◆ Your goal
Please retype the records below exactly, omitting any images.
═══ Records shown ═══
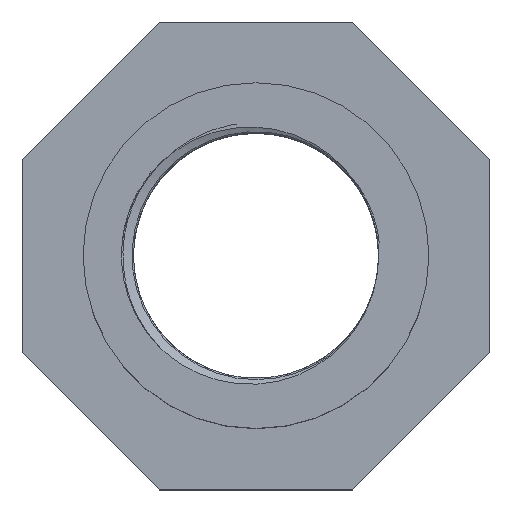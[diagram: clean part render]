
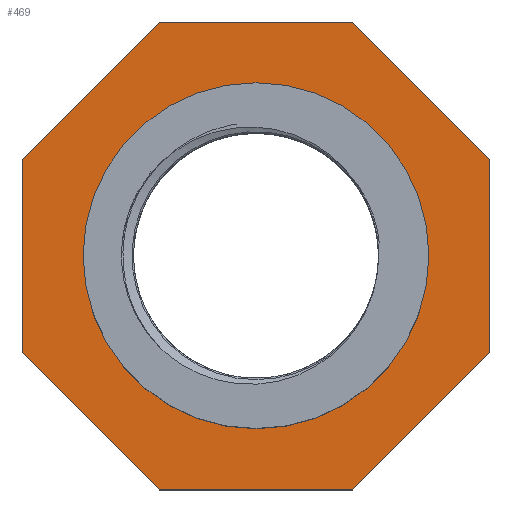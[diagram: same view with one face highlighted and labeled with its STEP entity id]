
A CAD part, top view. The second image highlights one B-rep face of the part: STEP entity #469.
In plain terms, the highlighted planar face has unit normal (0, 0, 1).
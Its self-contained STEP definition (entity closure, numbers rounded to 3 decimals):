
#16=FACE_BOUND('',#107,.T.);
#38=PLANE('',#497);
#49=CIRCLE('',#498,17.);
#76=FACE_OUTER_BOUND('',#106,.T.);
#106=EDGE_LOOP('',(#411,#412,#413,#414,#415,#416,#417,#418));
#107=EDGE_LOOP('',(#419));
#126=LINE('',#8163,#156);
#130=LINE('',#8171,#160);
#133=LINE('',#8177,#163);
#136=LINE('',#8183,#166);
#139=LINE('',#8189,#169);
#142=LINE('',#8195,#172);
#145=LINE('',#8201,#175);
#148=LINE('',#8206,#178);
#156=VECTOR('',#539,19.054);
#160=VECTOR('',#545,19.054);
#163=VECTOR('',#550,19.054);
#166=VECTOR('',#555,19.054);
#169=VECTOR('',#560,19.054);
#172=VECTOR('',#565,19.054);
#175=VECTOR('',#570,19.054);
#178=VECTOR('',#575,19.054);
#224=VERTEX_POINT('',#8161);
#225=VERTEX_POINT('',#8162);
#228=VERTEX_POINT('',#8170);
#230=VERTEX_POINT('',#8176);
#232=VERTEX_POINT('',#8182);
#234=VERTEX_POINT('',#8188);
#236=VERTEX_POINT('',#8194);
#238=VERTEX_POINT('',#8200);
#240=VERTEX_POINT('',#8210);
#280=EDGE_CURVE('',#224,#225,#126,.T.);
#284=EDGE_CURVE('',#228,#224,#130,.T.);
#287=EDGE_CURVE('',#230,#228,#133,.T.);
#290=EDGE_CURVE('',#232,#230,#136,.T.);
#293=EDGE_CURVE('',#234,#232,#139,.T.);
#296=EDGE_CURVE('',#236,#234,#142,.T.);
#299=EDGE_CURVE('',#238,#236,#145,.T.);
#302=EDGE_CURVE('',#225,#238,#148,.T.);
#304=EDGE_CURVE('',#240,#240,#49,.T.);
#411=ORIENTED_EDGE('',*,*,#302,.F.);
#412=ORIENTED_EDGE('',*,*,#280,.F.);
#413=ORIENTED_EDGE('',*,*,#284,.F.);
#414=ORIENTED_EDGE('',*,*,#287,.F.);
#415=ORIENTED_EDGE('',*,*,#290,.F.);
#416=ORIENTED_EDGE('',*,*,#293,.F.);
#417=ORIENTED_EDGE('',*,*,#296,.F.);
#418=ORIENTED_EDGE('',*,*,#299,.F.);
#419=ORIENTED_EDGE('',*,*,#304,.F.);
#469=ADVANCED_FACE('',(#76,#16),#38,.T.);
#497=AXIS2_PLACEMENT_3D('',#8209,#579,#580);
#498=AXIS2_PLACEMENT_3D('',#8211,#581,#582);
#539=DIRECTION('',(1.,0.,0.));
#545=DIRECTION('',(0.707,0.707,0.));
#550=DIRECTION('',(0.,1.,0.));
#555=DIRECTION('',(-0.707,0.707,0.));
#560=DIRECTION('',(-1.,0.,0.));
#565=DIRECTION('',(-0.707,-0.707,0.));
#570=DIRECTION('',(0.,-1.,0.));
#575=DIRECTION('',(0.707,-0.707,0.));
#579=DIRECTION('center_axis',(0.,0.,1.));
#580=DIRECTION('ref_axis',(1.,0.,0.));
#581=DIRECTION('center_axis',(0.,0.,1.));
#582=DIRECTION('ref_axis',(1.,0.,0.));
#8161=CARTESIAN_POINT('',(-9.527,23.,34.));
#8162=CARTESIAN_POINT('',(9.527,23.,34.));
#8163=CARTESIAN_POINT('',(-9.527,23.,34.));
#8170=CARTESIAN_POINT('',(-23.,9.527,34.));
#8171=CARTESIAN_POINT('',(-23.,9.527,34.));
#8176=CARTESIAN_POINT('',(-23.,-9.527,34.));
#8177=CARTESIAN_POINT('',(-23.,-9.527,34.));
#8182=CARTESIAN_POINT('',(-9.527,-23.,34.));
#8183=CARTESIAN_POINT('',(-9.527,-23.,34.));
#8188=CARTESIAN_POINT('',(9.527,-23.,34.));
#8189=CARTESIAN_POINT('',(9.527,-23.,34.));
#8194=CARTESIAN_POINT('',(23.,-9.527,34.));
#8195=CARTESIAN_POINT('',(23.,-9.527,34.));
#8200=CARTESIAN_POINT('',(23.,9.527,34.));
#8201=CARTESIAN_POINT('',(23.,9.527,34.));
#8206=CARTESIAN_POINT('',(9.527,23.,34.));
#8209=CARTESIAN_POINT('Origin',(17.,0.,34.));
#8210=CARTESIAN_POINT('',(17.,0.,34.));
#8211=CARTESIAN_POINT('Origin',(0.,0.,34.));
═══
◆ Task output
[diagram: clean part render]
[diagram: same view with one face highlighted and labeled with its STEP entity id]
A CAD part, top view. The second image highlights one B-rep face of the part: STEP entity #469.
In plain terms, the highlighted planar face has unit normal (0, 0, 1).
Its self-contained STEP definition (entity closure, numbers rounded to 3 decimals):
#16=FACE_BOUND('',#107,.T.);
#38=PLANE('',#497);
#49=CIRCLE('',#498,17.);
#76=FACE_OUTER_BOUND('',#106,.T.);
#106=EDGE_LOOP('',(#411,#412,#413,#414,#415,#416,#417,#418));
#107=EDGE_LOOP('',(#419));
#126=LINE('',#8163,#156);
#130=LINE('',#8171,#160);
#133=LINE('',#8177,#163);
#136=LINE('',#8183,#166);
#139=LINE('',#8189,#169);
#142=LINE('',#8195,#172);
#145=LINE('',#8201,#175);
#148=LINE('',#8206,#178);
#156=VECTOR('',#539,19.054);
#160=VECTOR('',#545,19.054);
#163=VECTOR('',#550,19.054);
#166=VECTOR('',#555,19.054);
#169=VECTOR('',#560,19.054);
#172=VECTOR('',#565,19.054);
#175=VECTOR('',#570,19.054);
#178=VECTOR('',#575,19.054);
#224=VERTEX_POINT('',#8161);
#225=VERTEX_POINT('',#8162);
#228=VERTEX_POINT('',#8170);
#230=VERTEX_POINT('',#8176);
#232=VERTEX_POINT('',#8182);
#234=VERTEX_POINT('',#8188);
#236=VERTEX_POINT('',#8194);
#238=VERTEX_POINT('',#8200);
#240=VERTEX_POINT('',#8210);
#280=EDGE_CURVE('',#224,#225,#126,.T.);
#284=EDGE_CURVE('',#228,#224,#130,.T.);
#287=EDGE_CURVE('',#230,#228,#133,.T.);
#290=EDGE_CURVE('',#232,#230,#136,.T.);
#293=EDGE_CURVE('',#234,#232,#139,.T.);
#296=EDGE_CURVE('',#236,#234,#142,.T.);
#299=EDGE_CURVE('',#238,#236,#145,.T.);
#302=EDGE_CURVE('',#225,#238,#148,.T.);
#304=EDGE_CURVE('',#240,#240,#49,.T.);
#411=ORIENTED_EDGE('',*,*,#302,.F.);
#412=ORIENTED_EDGE('',*,*,#280,.F.);
#413=ORIENTED_EDGE('',*,*,#284,.F.);
#414=ORIENTED_EDGE('',*,*,#287,.F.);
#415=ORIENTED_EDGE('',*,*,#290,.F.);
#416=ORIENTED_EDGE('',*,*,#293,.F.);
#417=ORIENTED_EDGE('',*,*,#296,.F.);
#418=ORIENTED_EDGE('',*,*,#299,.F.);
#419=ORIENTED_EDGE('',*,*,#304,.F.);
#469=ADVANCED_FACE('',(#76,#16),#38,.T.);
#497=AXIS2_PLACEMENT_3D('',#8209,#579,#580);
#498=AXIS2_PLACEMENT_3D('',#8211,#581,#582);
#539=DIRECTION('',(1.,0.,0.));
#545=DIRECTION('',(0.707,0.707,0.));
#550=DIRECTION('',(0.,1.,0.));
#555=DIRECTION('',(-0.707,0.707,0.));
#560=DIRECTION('',(-1.,0.,0.));
#565=DIRECTION('',(-0.707,-0.707,0.));
#570=DIRECTION('',(0.,-1.,0.));
#575=DIRECTION('',(0.707,-0.707,0.));
#579=DIRECTION('center_axis',(0.,0.,1.));
#580=DIRECTION('ref_axis',(1.,0.,0.));
#581=DIRECTION('center_axis',(0.,0.,1.));
#582=DIRECTION('ref_axis',(1.,0.,0.));
#8161=CARTESIAN_POINT('',(-9.527,23.,34.));
#8162=CARTESIAN_POINT('',(9.527,23.,34.));
#8163=CARTESIAN_POINT('',(-9.527,23.,34.));
#8170=CARTESIAN_POINT('',(-23.,9.527,34.));
#8171=CARTESIAN_POINT('',(-23.,9.527,34.));
#8176=CARTESIAN_POINT('',(-23.,-9.527,34.));
#8177=CARTESIAN_POINT('',(-23.,-9.527,34.));
#8182=CARTESIAN_POINT('',(-9.527,-23.,34.));
#8183=CARTESIAN_POINT('',(-9.527,-23.,34.));
#8188=CARTESIAN_POINT('',(9.527,-23.,34.));
#8189=CARTESIAN_POINT('',(9.527,-23.,34.));
#8194=CARTESIAN_POINT('',(23.,-9.527,34.));
#8195=CARTESIAN_POINT('',(23.,-9.527,34.));
#8200=CARTESIAN_POINT('',(23.,9.527,34.));
#8201=CARTESIAN_POINT('',(23.,9.527,34.));
#8206=CARTESIAN_POINT('',(9.527,23.,34.));
#8209=CARTESIAN_POINT('Origin',(17.,0.,34.));
#8210=CARTESIAN_POINT('',(17.,0.,34.));
#8211=CARTESIAN_POINT('Origin',(0.,0.,34.));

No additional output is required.